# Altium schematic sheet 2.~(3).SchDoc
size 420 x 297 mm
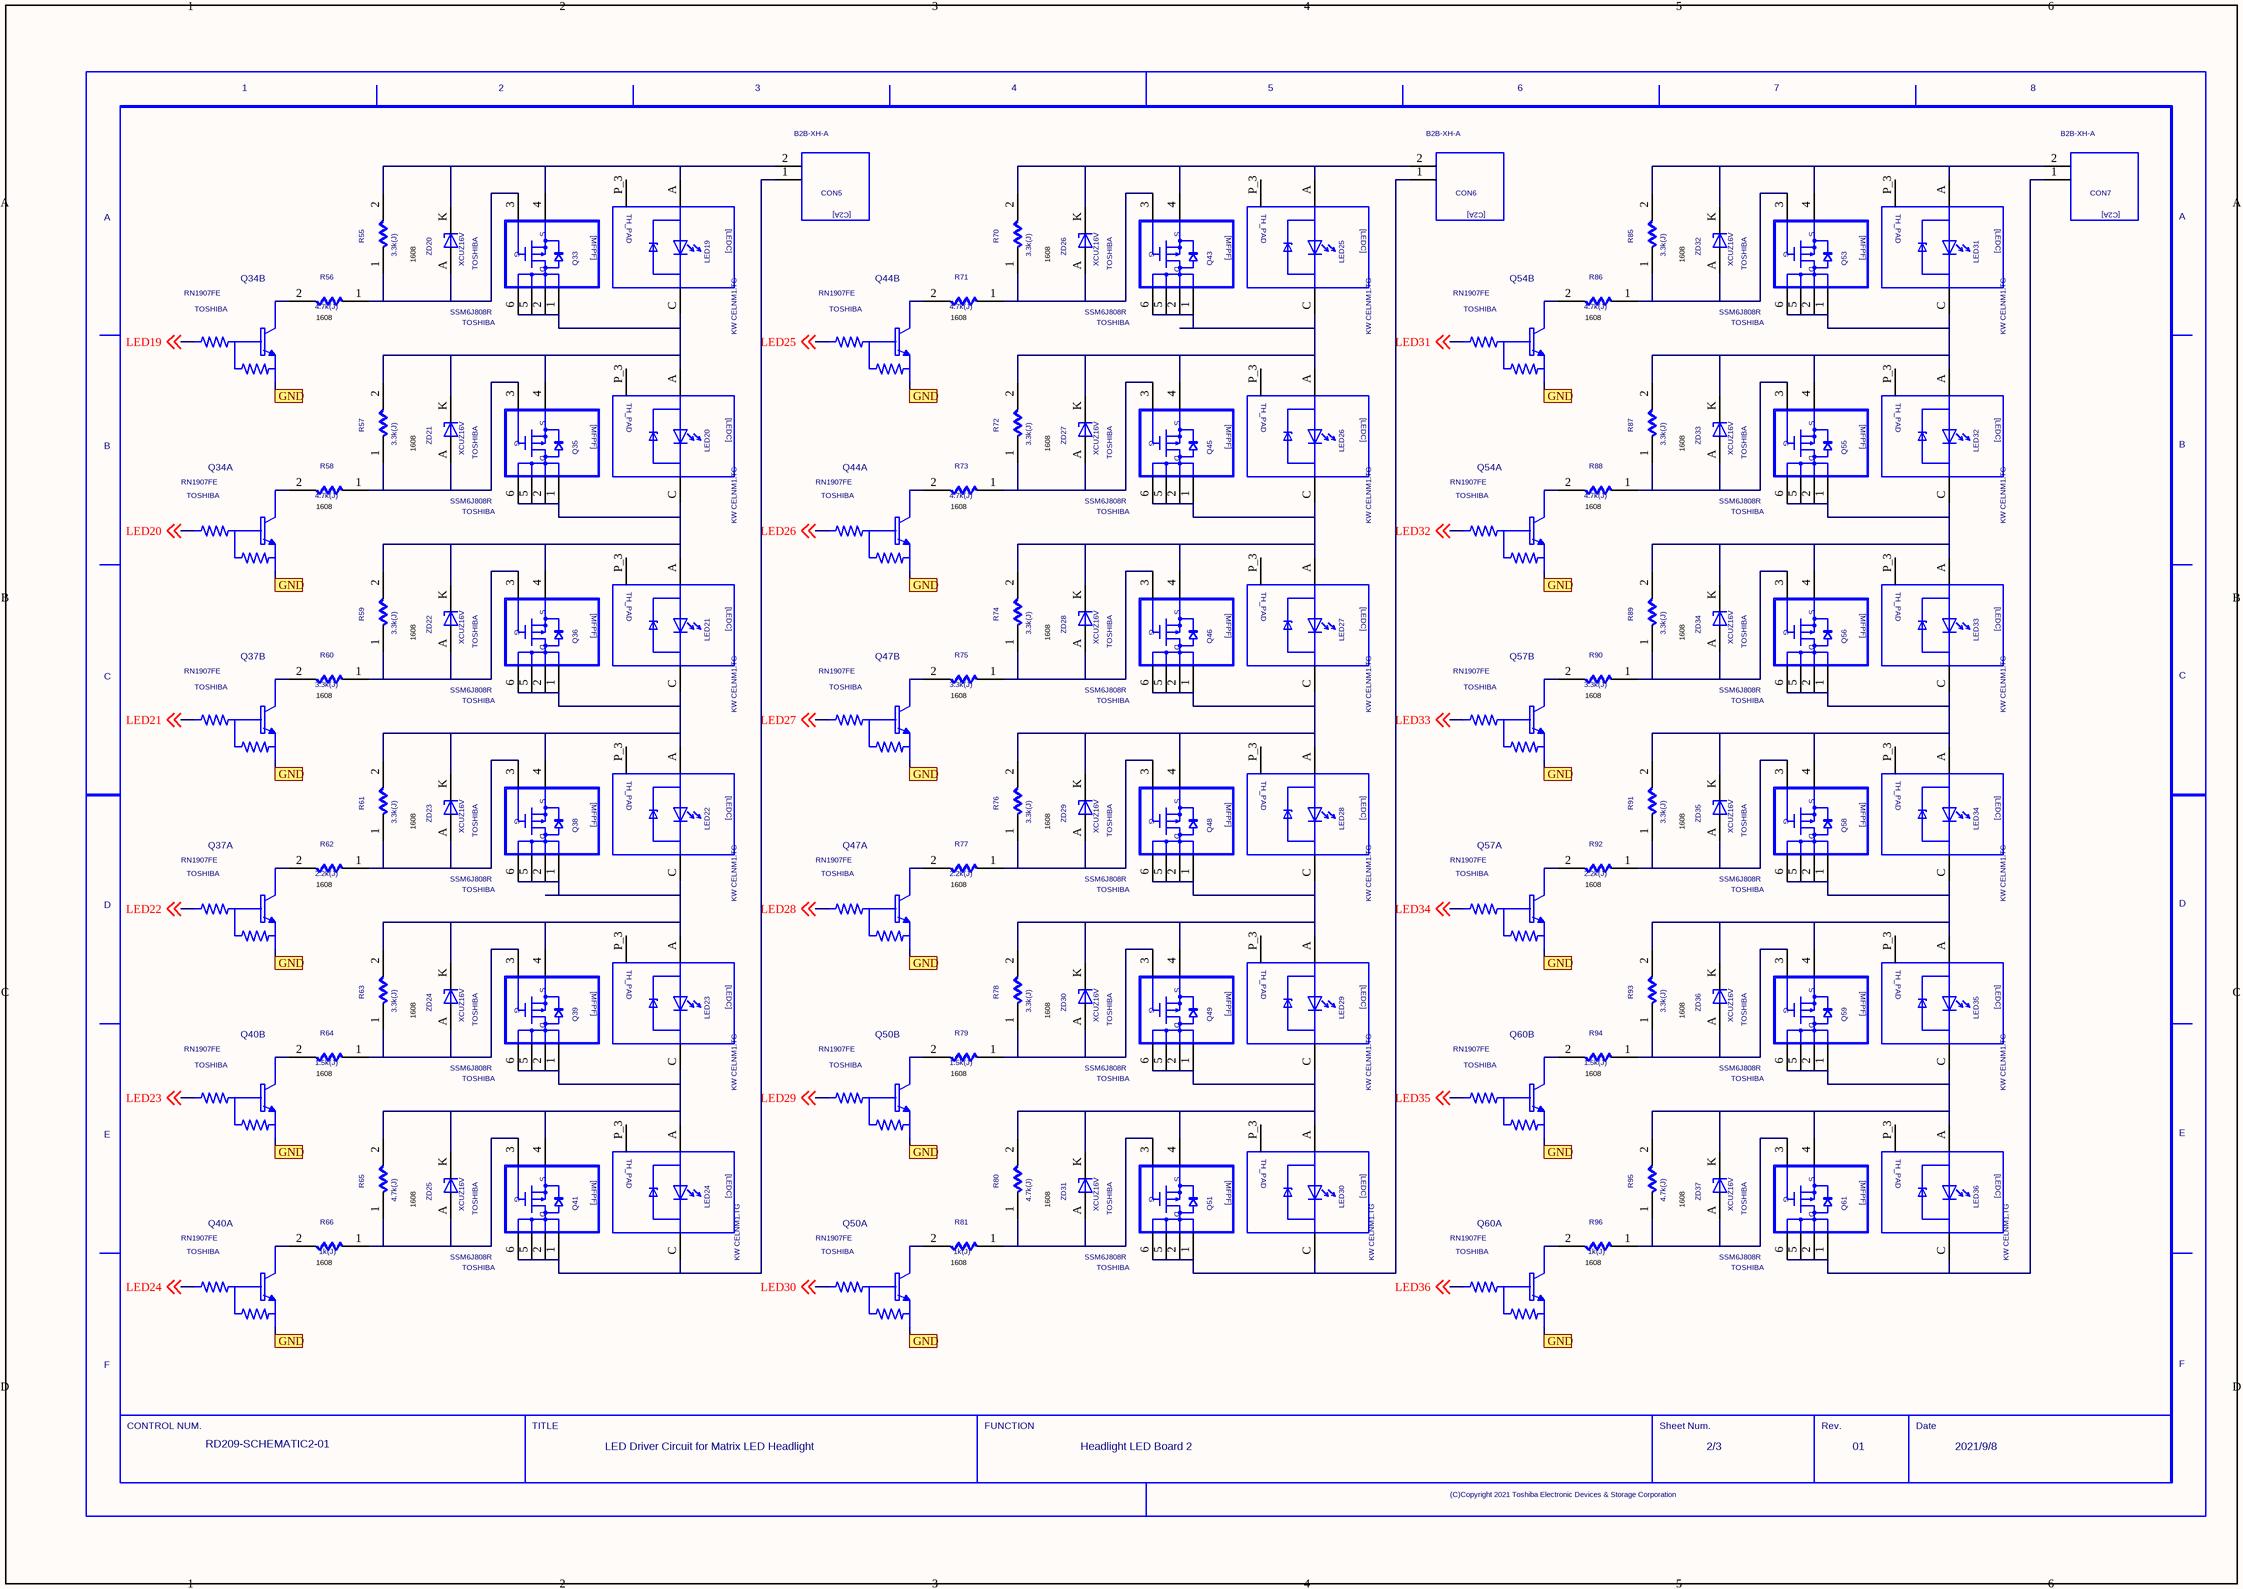
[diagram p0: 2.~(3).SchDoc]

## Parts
CON5  VAL3: B2B-XH-A  (hidden comment: C2A)
CON6  VAL3: B2B-XH-A  (hidden comment: C2A)
CON7  VAL3: B2B-XH-A  (hidden comment: C2A)
LED19  VAL3: KW CELNM1.TG  (hidden comment: LEDC)
LED20  VAL3: KW CELNM1.TG  (hidden comment: LEDC)
LED21  VAL3: KW CELNM1.TG  (hidden comment: LEDC)
LED22  VAL3: KW CELNM1.TG  (hidden comment: LEDC)
LED23  VAL3: KW CELNM1.TG  (hidden comment: LEDC)
LED24  VAL3: KW CELNM1.TG  (hidden comment: LEDC)
LED25  VAL3: KW CELNM1.TG  (hidden comment: LEDC)
LED26  VAL3: KW CELNM1.TG  (hidden comment: LEDC)
LED27  VAL3: KW CELNM1.TG  (hidden comment: LEDC)
LED28  VAL3: KW CELNM1.TG  (hidden comment: LEDC)
LED29  VAL3: KW CELNM1.TG  (hidden comment: LEDC)
LED30  VAL3: KW CELNM1.TG  (hidden comment: LEDC)
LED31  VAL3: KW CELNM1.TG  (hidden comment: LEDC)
***
Retype the entries above exactly, starting at their first line and ending with the line that holds "[diagram p0: 2.~(3).SchDoc]"; pictures stay out.

▶ EXPECTED ANSWER
# Altium schematic sheet 2.~(3).SchDoc
size 420 x 297 mm
[diagram p0: 2.~(3).SchDoc]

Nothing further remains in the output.